(Work item):
Starting at the line below that contains "for s, rotation, p", print each line through the end of the records exactly as it appears.

(Available data):
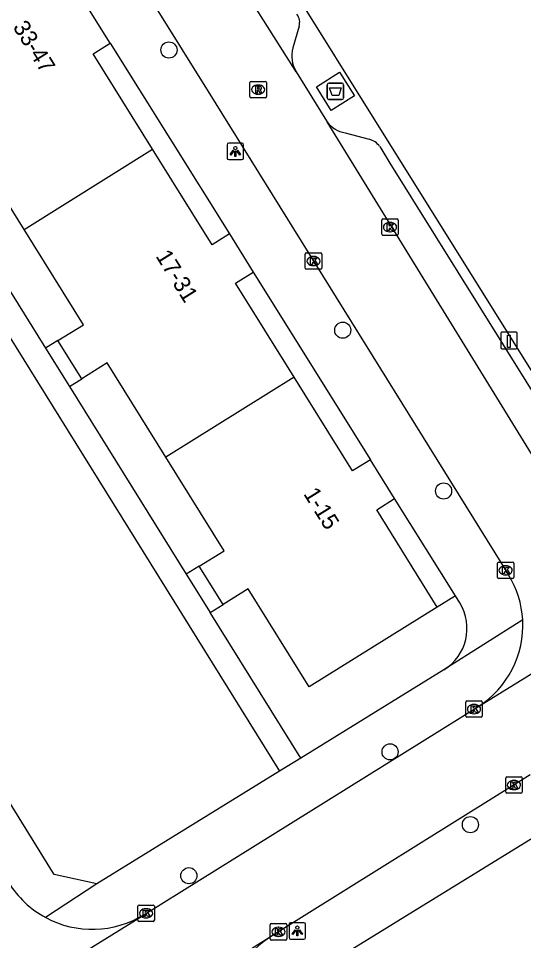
# Model space of a CAD drawing. Extents: x 160037 to 160839, y 385326 to 386441.
# Drawn here: x 160227.4 to 160258, y 386118.5 to 386174.4 of the extents above; entities that cross this region are included whole.
import ezdxf

# ---------------------------------------------------------------- set-up
doc = ezdxf.new("R2010")
doc.units = 0
for name, color, linetype in [('IMGEO_Afval_apart_plaats', 7, 'Continuous'), ('IMGEO_Boom', 7, 'Continuous'), ('IMGEO_Haag', 7, 'Continuous'), ('IMGEO_Kolk', 7, 'Continuous'), ('IMGEO_Laadpaal', 7, 'Continuous'), ('IMGEO_Lichtpunt', 7, 'Continuous'), ('IMGEO_Pand', 7, 'Continuous'), ('IMGEO_Pand_nummerreeks', 7, 'Continuous'), ('IMGEO_Rijbaan_lokaal_open', 7, 'Continuous'), ('IMGEO_Rioolput', 7, 'Continuous'), ('IMGEO_Voetpad_gesloten', 7, 'Continuous'), ('IMGEO_Voetpad_op_trap', 7, 'Continuous'), ('IMGEO_Voetpad_open', 7, 'Continuous')]:
    doc.layers.add(name, color=color, linetype=linetype)

msp = doc.modelspace()

# ---------------------------------------------------------------- linework, layer by layer
at = {"layer": 'IMGEO_Afval_apart_plaats'}
for p, q in [((160246.142, 386169.591), (160246.142, 386170.391)), ((160246.142, 386170.391), (160246.142, 386169.591)), ((160246.242, 386170.491), (160247.032, 386170.491)), ((160247.032, 386170.491), (160246.242, 386170.491)), ((160247.132, 386170.391), (160247.132, 386169.591)), ((160247.132, 386169.591), (160247.132, 386170.391)), ((160247.032, 386169.491), (160246.242, 386169.491)), ((160246.242, 386169.491), (160247.032, 386169.491))]:
    msp.add_line(p, q, dxfattribs=at)
msp.add_lwpolyline([(160246.285, 386170.205), (160246.989, 386170.205), (160246.84, 386169.735), (160246.434, 386169.735), (160246.285, 386170.205)], dxfattribs=at)
for centre, start, end in [((160246.242, 386170.391), 90, 180), ((160246.242, 386170.391), 90, 180), ((160247.032, 386170.391), 0, 90), ((160247.032, 386170.391), 360, 90), ((160246.242, 386169.591), 180, 270), ((160246.242, 386169.591), 180, 270), ((160247.032, 386169.591), 270, 0), ((160247.032, 386169.591), 270, 0)]:
    msp.add_arc(centre, 0.1, start, end, dxfattribs=at)
at = {"layer": 'IMGEO_Boom'}
for centre in [(160236.542, 386172.494), (160247.08, 386155.51), (160253.195, 386145.768), (160249.95, 386129.956), (160254.821, 386125.547), (160237.749, 386122.451)]:
    msp.add_circle(centre, 0.489, dxfattribs=at)
at = {"layer": 'IMGEO_Haag'}
msp.add_lwpolyline([(160253.916, 386139.405), (160252.809, 386138.733)], dxfattribs=at)
at = {"layer": 'IMGEO_Kolk'}
for p, q in [((160249.445, 386161.335), (160249.445, 386162.187)), ((160249.52, 386162.261), (160250.372, 386162.261)), ((160249.933, 386162.041), (160249.958, 386162.041)), ((160250.446, 386162.187), (160250.446, 386161.335)), ((160249.956, 386161.481), (160249.931, 386161.481)), ((160250.372, 386161.261), (160249.52, 386161.261)), ((160244.88, 386160.203), (160245.732, 386160.203)), ((160244.805, 386159.277), (160244.805, 386160.129)), ((160245.293, 386159.983), (160245.318, 386159.983)), ((160245.806, 386160.129), (160245.806, 386159.277)), ((160245.732, 386159.203), (160244.88, 386159.203)), ((160245.316, 386159.423), (160245.291, 386159.423)), ((160256.454, 386140.532), (160256.454, 386141.384)), ((160256.529, 386141.458), (160257.381, 386141.458)), ((160256.942, 386141.238), (160256.967, 386141.238)), ((160257.455, 386141.384), (160257.455, 386140.532)), ((160256.965, 386140.678), (160256.94, 386140.678)), ((160257.381, 386140.458), (160256.529, 386140.458)), ((160254.539, 386132.125), (160254.539, 386132.977)), ((160254.614, 386133.051), (160255.466, 386133.051)), ((160255.027, 386132.831), (160255.052, 386132.831)), ((160255.54, 386132.977), (160255.54, 386132.125)), ((160255.05, 386132.271), (160255.025, 386132.271)), ((160255.466, 386132.051), (160254.614, 386132.051)), ((160256.959, 386127.521), (160256.959, 386128.373)), ((160257.034, 386128.447), (160257.886, 386128.447)), ((160257.96, 386128.373), (160257.96, 386127.521)), ((160257.447, 386128.227), (160257.472, 386128.227)), ((160257.886, 386127.447), (160257.034, 386127.447)), ((160257.47, 386127.667), (160257.445, 386127.667)), ((160234.655, 386119.748), (160234.655, 386120.6)), ((160234.73, 386120.674), (160235.582, 386120.674)), ((160235.656, 386120.6), (160235.656, 386119.748)), ((160235.143, 386120.454), (160235.168, 386120.454)), ((160235.582, 386119.674), (160234.73, 386119.674)), ((160235.166, 386119.894), (160235.141, 386119.894)), ((160242.685, 386118.624), (160242.685, 386119.476)), ((160242.76, 386119.55), (160243.612, 386119.55)), ((160243.686, 386119.476), (160243.686, 386118.624)), ((160243.173, 386119.33), (160243.198, 386119.33)), ((160243.612, 386118.55), (160242.76, 386118.55)), ((160243.196, 386118.77), (160243.171, 386118.77))]:
    msp.add_line(p, q, dxfattribs=at)
for points in [[(160249.445, 386161.335), (160249.445, 386162.187)], [(160249.52, 386162.261), (160250.372, 386162.261)], [(160249.766, 386161.961), (160249.889, 386161.961), (160249.889, 386161.81), (160250.019, 386161.961), (160250.183, 386161.961), (160250.037, 386161.81), (160250.19, 386161.561), (160250.038, 386161.561), (160249.953, 386161.725), (160249.889, 386161.658), (160249.889, 386161.561), (160249.766, 386161.561), (160249.766, 386161.961)], [(160250.446, 386162.187), (160250.446, 386161.335)], [(160250.372, 386161.261), (160249.52, 386161.261)], [(160244.88, 386160.203), (160245.732, 386160.203)], [(160244.805, 386159.277), (160244.805, 386160.129)], [(160245.126, 386159.903), (160245.249, 386159.903), (160245.249, 386159.752), (160245.379, 386159.903), (160245.543, 386159.903), (160245.397, 386159.752), (160245.55, 386159.503), (160245.398, 386159.503), (160245.313, 386159.667), (160245.249, 386159.6), (160245.249, 386159.503), (160245.126, 386159.503), (160245.126, 386159.903)], [(160245.806, 386160.129), (160245.806, 386159.277)], [(160245.732, 386159.203), (160244.88, 386159.203)], [(160256.454, 386140.532), (160256.454, 386141.384)], [(160256.529, 386141.458), (160257.381, 386141.458)], [(160257.455, 386141.384), (160257.455, 386140.532)], [(160256.775, 386141.158), (160256.898, 386141.158), (160256.898, 386141.007), (160257.028, 386141.158), (160257.192, 386141.158), (160257.046, 386141.007), (160257.199, 386140.758), (160257.047, 386140.758), (160256.962, 386140.922), (160256.898, 386140.855), (160256.898, 386140.758), (160256.775, 386140.758), (160256.775, 386141.158)], [(160257.381, 386140.458), (160256.529, 386140.458)], [(160254.539, 386132.125), (160254.539, 386132.977)], [(160254.614, 386133.051), (160255.466, 386133.051)], [(160255.54, 386132.977), (160255.54, 386132.125)], [(160254.86, 386132.751), (160254.983, 386132.751), (160254.983, 386132.6), (160255.113, 386132.751), (160255.277, 386132.751), (160255.131, 386132.6), (160255.284, 386132.351), (160255.132, 386132.351), (160255.047, 386132.515), (160254.983, 386132.448), (160254.983, 386132.351), (160254.86, 386132.351), (160254.86, 386132.751)], [(160255.466, 386132.051), (160254.614, 386132.051)], [(160256.959, 386127.521), (160256.959, 386128.373)], [(160257.034, 386128.447), (160257.886, 386128.447)], [(160257.96, 386128.373), (160257.96, 386127.521)], [(160257.28, 386128.147), (160257.403, 386128.147), (160257.403, 386127.996), (160257.533, 386128.147), (160257.697, 386128.147), (160257.551, 386127.996), (160257.704, 386127.747), (160257.552, 386127.747), (160257.467, 386127.911), (160257.403, 386127.844), (160257.403, 386127.747), (160257.28, 386127.747), (160257.28, 386128.147)], [(160257.886, 386127.447), (160257.034, 386127.447)], [(160234.655, 386119.748), (160234.655, 386120.6)], [(160234.73, 386120.674), (160235.582, 386120.674)], [(160235.656, 386120.6), (160235.656, 386119.748)], [(160234.976, 386120.374), (160235.099, 386120.374), (160235.099, 386120.223), (160235.229, 386120.374), (160235.393, 386120.374), (160235.247, 386120.223), (160235.4, 386119.974), (160235.248, 386119.974), (160235.163, 386120.138), (160235.099, 386120.071), (160235.099, 386119.974), (160234.976, 386119.974), (160234.976, 386120.374)], [(160235.582, 386119.674), (160234.73, 386119.674)], [(160242.685, 386118.624), (160242.685, 386119.476)], [(160242.76, 386119.55), (160243.612, 386119.55)], [(160243.686, 386119.476), (160243.686, 386118.624)], [(160243.006, 386119.25), (160243.129, 386119.25), (160243.129, 386119.099), (160243.259, 386119.25), (160243.423, 386119.25), (160243.277, 386119.099), (160243.43, 386118.85), (160243.278, 386118.85), (160243.193, 386119.014), (160243.129, 386118.947), (160243.129, 386118.85), (160243.006, 386118.85), (160243.006, 386119.25)], [(160243.612, 386118.55), (160242.76, 386118.55)]]:
    msp.add_lwpolyline(points, dxfattribs=at)
for centre, start, end in [((160249.522, 386162.185), 91.552, 178.448), ((160249.522, 386162.185), 91.552, 178.448), ((160250.37, 386162.185), 1.552, 88.448), ((160250.37, 386162.185), 1.552, 88.448), ((160249.522, 386161.337), 181.552, 268.448), ((160249.522, 386161.337), 181.552, 268.448), ((160250.37, 386161.337), 271.552, 358.448), ((160250.37, 386161.337), 271.552, 358.448), ((160244.882, 386160.127), 91.552, 178.448), ((160244.882, 386160.127), 91.552, 178.448), ((160245.73, 386160.127), 1.552, 88.448), ((160245.73, 386160.127), 1.552, 88.448), ((160244.882, 386159.279), 181.552, 268.448), ((160244.882, 386159.279), 181.552, 268.448), ((160245.73, 386159.279), 271.552, 358.448), ((160245.73, 386159.279), 271.552, 358.448), ((160256.531, 386141.382), 91.552, 178.448), ((160256.531, 386141.382), 91.552, 178.448), ((160257.379, 386141.382), 1.552, 88.448), ((160257.379, 386141.382), 1.552, 88.448), ((160256.531, 386140.534), 181.552, 268.448), ((160256.531, 386140.534), 181.552, 268.448), ((160257.379, 386140.534), 271.552, 358.448), ((160257.379, 386140.534), 271.552, 358.448), ((160254.616, 386132.975), 91.552, 178.448), ((160254.616, 386132.975), 91.552, 178.448), ((160255.464, 386132.975), 1.552, 88.448), ((160255.464, 386132.975), 1.552, 88.448), ((160254.616, 386132.127), 181.552, 268.448), ((160254.616, 386132.127), 181.552, 268.448), ((160255.464, 386132.127), 271.552, 358.448), ((160255.464, 386132.127), 271.552, 358.448), ((160257.036, 386128.371), 91.552, 178.448), ((160257.036, 386128.371), 91.552, 178.448), ((160257.884, 386128.371), 1.552, 88.448), ((160257.884, 386128.371), 1.552, 88.448), ((160257.036, 386127.523), 181.552, 268.448), ((160257.036, 386127.523), 181.552, 268.448), ((160257.884, 386127.523), 271.552, 358.448), ((160257.884, 386127.523), 271.552, 358.448), ((160234.732, 386120.598), 91.552, 178.448), ((160234.732, 386120.598), 91.552, 178.448), ((160235.58, 386120.598), 1.552, 88.448), ((160235.58, 386120.598), 1.552, 88.448), ((160234.732, 386119.75), 181.552, 268.448), ((160234.732, 386119.75), 181.552, 268.448), ((160235.58, 386119.75), 271.552, 358.448), ((160235.58, 386119.75), 271.552, 358.448), ((160242.762, 386119.474), 91.552, 178.448), ((160242.762, 386119.474), 91.552, 178.448), ((160243.61, 386119.474), 1.552, 88.448), ((160243.61, 386119.474), 1.552, 88.448), ((160242.762, 386118.626), 181.552, 268.448), ((160242.762, 386118.626), 181.552, 268.448), ((160243.61, 386118.626), 271.552, 358.448), ((160243.61, 386118.626), 271.552, 358.448)]:
    msp.add_arc(centre, 0.0765, start, end, dxfattribs=at)
for centre, major_axis, ratio, start_param, end_param in [((160249.932, 386161.761), (-0.387, 0.002), 0.722429, 4.712389, 7.853982), ((160249.957, 386161.761), (-0.39, 0.002), 0.717154, 1.570796, 4.712389), ((160245.292, 386159.703), (-0.387, 0.002), 0.722429, 4.712389, 7.853982), ((160245.317, 386159.703), (-0.39, 0.002), 0.717154, 1.570796, 4.712389), ((160256.941, 386140.958), (-0.387, 0.002), 0.722429, 4.712389, 7.853982), ((160256.966, 386140.958), (-0.39, 0.002), 0.717154, 1.570796, 4.712389), ((160255.026, 386132.551), (-0.387, 0.002), 0.722429, 4.712389, 7.853982), ((160255.051, 386132.551), (-0.39, 0.002), 0.717154, 1.570796, 4.712389), ((160257.446, 386127.947), (-0.387, 0.002), 0.722429, 4.712389, 7.853982), ((160257.471, 386127.947), (-0.39, 0.002), 0.717154, 1.570796, 4.712389), ((160235.142, 386120.174), (-0.387, 0.002), 0.722429, 4.712389, 7.853982), ((160235.167, 386120.174), (-0.39, 0.002), 0.717154, 1.570796, 4.712389), ((160243.172, 386119.05), (-0.387, 0.002), 0.722429, 4.712389, 7.853982), ((160243.197, 386119.05), (-0.39, 0.002), 0.717154, 1.570796, 4.712389)]:
    msp.add_ellipse(centre, major_axis=major_axis, ratio=ratio, start_param=start_param, end_param=end_param, dxfattribs=at)
at = {"layer": 'IMGEO_Laadpaal'}
for p, q in [((160256.661, 386155.308), (160256.661, 386154.467)), ((160256.661, 386155.308), (160256.661, 386154.467)), ((160257.577, 386155.392), (160256.736, 386155.392)), ((160257.577, 386155.392), (160256.736, 386155.392)), ((160257.661, 386154.476), (160257.661, 386155.317)), ((160257.661, 386154.476), (160257.661, 386155.317)), ((160256.745, 386154.392), (160257.586, 386154.392)), ((160256.745, 386154.392), (160257.586, 386154.392))]:
    msp.add_line(p, q, dxfattribs=at)
msp.add_lwpolyline([(160257.076, 386155.205), (160257.236, 386155.205), (160257.236, 386154.472), (160257.076, 386154.472), (160257.076, 386155.205)], dxfattribs=at)
for centre, start, end in [((160256.739, 386155.314), 92.4484, 184.2845), ((160256.739, 386155.314), 92.4484, 184.2845), ((160257.583, 386155.314), 2.4484, 94.2845), ((160257.583, 386155.314), 2.4484, 94.2845), ((160256.739, 386154.47), 182.4484, 274.2845), ((160256.739, 386154.47), 182.4484, 274.2845), ((160257.583, 386154.47), 272.4484, 4.2845), ((160257.583, 386154.47), 272.4484, 4.2845)]:
    msp.add_arc(centre, 0.0779, start, end, dxfattribs=at)
at = {"layer": 'IMGEO_Lichtpunt'}
for p, q in [((160240.069, 386166.751), (160240.069, 386165.944)), ((160240.069, 386166.751), (160240.069, 386165.944)), ((160240.971, 386166.846), (160240.163, 386166.846)), ((160240.971, 386166.846), (160240.163, 386166.846)), ((160241.065, 386165.944), (160241.065, 386166.751)), ((160241.065, 386165.944), (160241.065, 386166.751)), ((160240.163, 386165.85), (160240.971, 386165.85)), ((160240.163, 386165.85), (160240.971, 386165.85)), ((160243.828, 386119.51), (160243.828, 386118.703)), ((160243.828, 386119.51), (160243.828, 386118.703)), ((160244.73, 386119.605), (160243.922, 386119.605)), ((160244.73, 386119.605), (160243.922, 386119.605)), ((160244.824, 386118.703), (160244.824, 386119.51)), ((160244.824, 386118.703), (160244.824, 386119.51)), ((160243.922, 386118.609), (160244.73, 386118.609)), ((160243.922, 386118.609), (160244.73, 386118.609))]:
    msp.add_line(p, q, dxfattribs=at)
for points in [[(160240.443, 386166.415), (160240.482, 386166.387), (160240.294, 386166.125), (160240.256, 386166.152), (160240.443, 386166.415)], [(160240.545, 386166.367), (160240.592, 386166.367), (160240.592, 386166.045), (160240.545, 386166.045), (160240.545, 386166.367)], [(160240.655, 386166.387), (160240.693, 386166.414), (160240.88, 386166.152), (160240.841, 386166.124), (160240.655, 386166.387)], [(160244.202, 386119.174), (160244.241, 386119.146), (160244.053, 386118.884), (160244.015, 386118.911), (160244.202, 386119.174)], [(160244.304, 386119.126), (160244.351, 386119.126), (160244.351, 386118.804), (160244.304, 386118.804), (160244.304, 386119.126)], [(160244.414, 386119.146), (160244.452, 386119.173), (160244.639, 386118.911), (160244.6, 386118.883), (160244.414, 386119.146)]]:
    msp.add_lwpolyline(points, dxfattribs=at)
for centre in [(160240.568, 386166.549), (160244.327, 386119.308)]:
    msp.add_circle(centre, 0.0994, dxfattribs=at)
for centre, start, end in [((160240.163, 386166.751), 90, 180), ((160240.163, 386166.751), 90, 180), ((160240.971, 386166.751), 0, 90), ((160240.971, 386166.751), 0, 90), ((160240.163, 386165.944), 180, 270), ((160240.163, 386165.944), 180, 270), ((160240.971, 386165.944), 270, 0), ((160240.971, 386165.944), 270, 360), ((160243.922, 386119.51), 90, 180), ((160243.922, 386119.51), 90, 180), ((160244.73, 386119.51), 0, 90), ((160244.73, 386119.51), 0, 90), ((160243.922, 386118.703), 180, 270), ((160243.922, 386118.703), 180, 270), ((160244.73, 386118.703), 270, 0), ((160244.73, 386118.703), 270, 360)]:
    msp.add_arc(centre, 0.0946, start, end, dxfattribs=at)
at = {"layer": 'IMGEO_Pand'}
for points in [[(160232.968, 386172.906), (160231.623, 386175.064)], [(160235.547, 386166.477), (160231.94, 386172.265), (160232.968, 386172.906)], [(160227.753, 386161.62), (160224.137, 386167.422), (160222.611, 386166.472)], [(160227.753, 386161.62), (160235.547, 386166.477)], [(160240.208, 386161.346), (160239.154, 386160.689), (160235.547, 386166.477)], [(160229.808, 386154.884), (160231.351, 386155.846), (160227.753, 386161.62)], [(160240.208, 386161.346), (160241.653, 386159.027)], [(160244.128, 386152.669), (160240.582, 386158.359), (160241.653, 386159.027)], [(160231.253, 386152.567), (160229.808, 386154.884)], [(160236.353, 386147.825), (160232.798, 386153.529), (160231.253, 386152.567)], [(160244.128, 386152.669), (160236.353, 386147.825)], [(160248.76, 386147.658), (160247.673, 386146.98), (160244.128, 386152.669)], [(160238.377, 386141.204), (160239.891, 386142.147), (160236.353, 386147.825)], [(160250.225, 386145.306), (160248.76, 386147.658)], [(160252.809, 386138.733), (160249.137, 386144.628), (160250.225, 386145.306)], [(160239.823, 386138.883), (160238.377, 386141.204)], [(160252.809, 386138.733), (160245.051, 386133.898), (160241.351, 386139.835), (160239.823, 386138.883)]]:
    msp.add_lwpolyline(points, dxfattribs=at)
at = {"layer": 'IMGEO_Rijbaan_lokaal_open'}
for points in [[(160244.261, 386171.178), (160244.203, 386171.269), (160229.232, 386194.877)], [(160223.539, 386194.595), (160238.918, 386169.985), (160257.129, 386140.681)], [(160244.261, 386171.178), (160245.996, 386168.361), (160246.136, 386168.133)], [(160259.974, 386145.651), (160246.136, 386168.133)], [(160255.275, 386132.696), (160255.371, 386132.747), (160269.474, 386141.464), (160269.622, 386141.58)], [(160235.022, 386120.089), (160255.275, 386132.696)], [(160258.447, 386128.564), (160242.706, 386118.752)], [(160220.685, 386111.216), (160220.795, 386111.27), (160234.929, 386120.014), (160235.022, 386120.089)], [(160228.648, 386109.969), (160228.704, 386110.01), (160242.577, 386118.679), (160242.706, 386118.752)]]:
    msp.add_lwpolyline(points, dxfattribs=at)
for centre, radius, start, end in [((160252.213, 386137.623), 5.789, 3.2756, 31.8841), ((160252.194, 386137.62), 5.809, 302.0355, 3.2932), ((160231.888, 386125.165), 5.958, 211.7338, 241.7345), ((160231.895, 386125.176), 5.971, 241.7243, 301.584), ((160245.778, 386113.847), 5.787, 122.0572, 188.1579)]:
    msp.add_arc(centre, radius, start, end, dxfattribs=at)
at = {"layer": 'IMGEO_Rioolput'}
for p, q in [((160241.453, 386169.666), (160241.453, 386170.518)), ((160241.528, 386170.592), (160242.38, 386170.592)), ((160241.941, 386170.372), (160241.966, 386170.372)), ((160242.454, 386170.518), (160242.454, 386169.666)), ((160241.964, 386169.812), (160241.939, 386169.812)), ((160242.38, 386169.592), (160241.528, 386169.592))]:
    msp.add_line(p, q, dxfattribs=at)
for points in [[(160241.453, 386169.666), (160241.453, 386170.518)], [(160241.528, 386170.592), (160242.38, 386170.592)], [(160242.042, 386170.29), (160241.79, 386170.292), (160241.79, 386169.892)], [(160242.454, 386170.518), (160242.454, 386169.666)], [(160241.79, 386169.892), (160241.914, 386169.892), (160241.914, 386170.054), (160241.925, 386170.054)], [(160241.968, 386170.211), (160241.914, 386170.211), (160241.914, 386170.13)], [(160241.914, 386170.13), (160241.966, 386170.13)], [(160241.972, 386170.025), (160242.043, 386169.892), (160242.183, 386169.892), (160242.118, 386170.018)], [(160242.38, 386169.592), (160241.528, 386169.592)]]:
    msp.add_lwpolyline(points, dxfattribs=at)
for centre, radius, start, end in [((160241.53, 386170.516), 0.0765, 91.552, 178.448), ((160241.53, 386170.516), 0.0765, 91.552, 178.448), ((160242.041, 386170.18), 0.109, 350.3612, 89.416), ((160242.378, 386170.516), 0.0765, 1.552, 88.448), ((160242.378, 386170.516), 0.0765, 1.552, 88.448), ((160241.924, 386170.001), 0.0533, 26.0293, 88.6989), ((160241.95, 386170.319), 0.19, 274.7715, 282.9687), ((160241.974, 386170.115), 0.0964, 77.0061, 93.1865), ((160241.988, 386170.172), 0.0378, 276.6634, 79.6772), ((160242.039, 386170.18), 0.112, 277.5842, 350.9817), ((160242.023, 386169.965), 0.108, 29.5134, 73.7905), ((160241.53, 386169.668), 0.0765, 181.552, 268.448), ((160241.53, 386169.668), 0.0765, 181.552, 268.448), ((160242.378, 386169.668), 0.0765, 271.552, 358.448), ((160242.378, 386169.668), 0.0765, 271.552, 358.448)]:
    msp.add_arc(centre, radius, start, end, dxfattribs=at)
for centre, major_axis, ratio, start_param, end_param in [((160241.94, 386170.092), (-0.387, 0.002), 0.722429, 4.712389, 7.853982), ((160241.965, 386170.092), (-0.39, 0.002), 0.717154, 1.570796, 4.712389)]:
    msp.add_ellipse(centre, major_axis=major_axis, ratio=ratio, start_param=start_param, end_param=end_param, dxfattribs=at)
at = {"layer": 'IMGEO_Voetpad_gesloten'}
msp.add_lwpolyline([(160246.891, 386171.15), (160247.793, 386169.723), (160246.384, 386168.832), (160245.482, 386170.259), (160246.891, 386171.15)], dxfattribs=at)
at = {"layer": 'IMGEO_Voetpad_op_trap'}
for points in [[(160229.808, 386154.884), (160229.06, 386154.418)], [(160230.504, 386152.1), (160231.253, 386152.567)], [(160238.377, 386141.204), (160237.595, 386140.717)], [(160239.041, 386138.396), (160239.823, 386138.883)]]:
    msp.add_lwpolyline(points, dxfattribs=at)
at = {"layer": 'IMGEO_Voetpad_open'}
for points in [[(160263.75, 386144.719), (160229.559, 386199.407)], [(160206.634, 386187.626), (160243.248, 386128.789)], [(160232.178, 386121.961), (160229.573, 386122.535), (160195.246, 386178.088), (160195.701, 386180.824)], [(160244.43, 386173.928), (160244.044, 386172.622)], [(160232.968, 386172.906), (160240.208, 386161.346)], [(160247.22, 386167.477), (160248.678, 386167.08)], [(160249.319, 386166.638), (160249.942, 386165.641), (160259.566, 386150.213)], [(160221.848, 386165.996), (160229.06, 386154.418)], [(160241.653, 386159.027), (160248.76, 386147.658)], [(160229.06, 386154.418), (160230.504, 386152.1)], [(160230.504, 386152.1), (160237.595, 386140.717)], [(160253.916, 386139.405), (160250.225, 386145.306)], [(160237.595, 386140.717), (160239.041, 386138.396)], [(160254.18, 386138.983), (160253.916, 386139.405)], [(160244.532, 386129.581), (160239.041, 386138.396)], [(160257.993, 386137.954), (160253.278, 386134.97), (160253.219, 386134.939)], [(160253.219, 386134.939), (160244.532, 386129.581)], [(160244.532, 386129.581), (160243.248, 386128.789)], [(160243.248, 386128.789), (160232.178, 386121.961)], [(160260.721, 386126.044), (160244.742, 386116.198)], [(160232.178, 386121.961), (160229.066, 386119.917)]]:
    msp.add_lwpolyline(points, dxfattribs=at)
for centre, radius, start, end in [((160243.69, 386174.172), 0.779, 341.778, 38.4713), ((160245.847, 386172.155), 1.863, 165.4681, 211.6245), ((160247.469, 386169.112), 1.654, 216.2952, 261.343), ((160248.436, 386166.044), 1.064, 33.9504, 76.8734), ((160251.674, 386137.442), 2.942, 301.6803, 31.5845)]:
    msp.add_arc(centre, radius, start, end, dxfattribs=at)

# ---------------------------------------------------------------- texts
at = {"layer": 'IMGEO_Pand_nummerreeks'}
for s, rotation, p in [('33-47', 302.0101, (160227.046, 386173.887)), ('17-31', 301.8584, (160235.708, 386160.003)), ('1-15', 301.9201, (160244.669, 386145.597))]:
    msp.add_text(s, height=1, rotation=rotation, dxfattribs=at).set_placement(p)

doc.saveas('drawing.dxf')

(Exercise output):
for s, rotation, p in [('33-47', 302.0101, (160227.046, 386173.887)), ('17-31', 301.8584, (160235.708, 386160.003)), ('1-15', 301.9201, (160244.669, 386145.597))]:
    msp.add_text(s, height=1, rotation=rotation, dxfattribs=at).set_placement(p)

doc.saveas('drawing.dxf')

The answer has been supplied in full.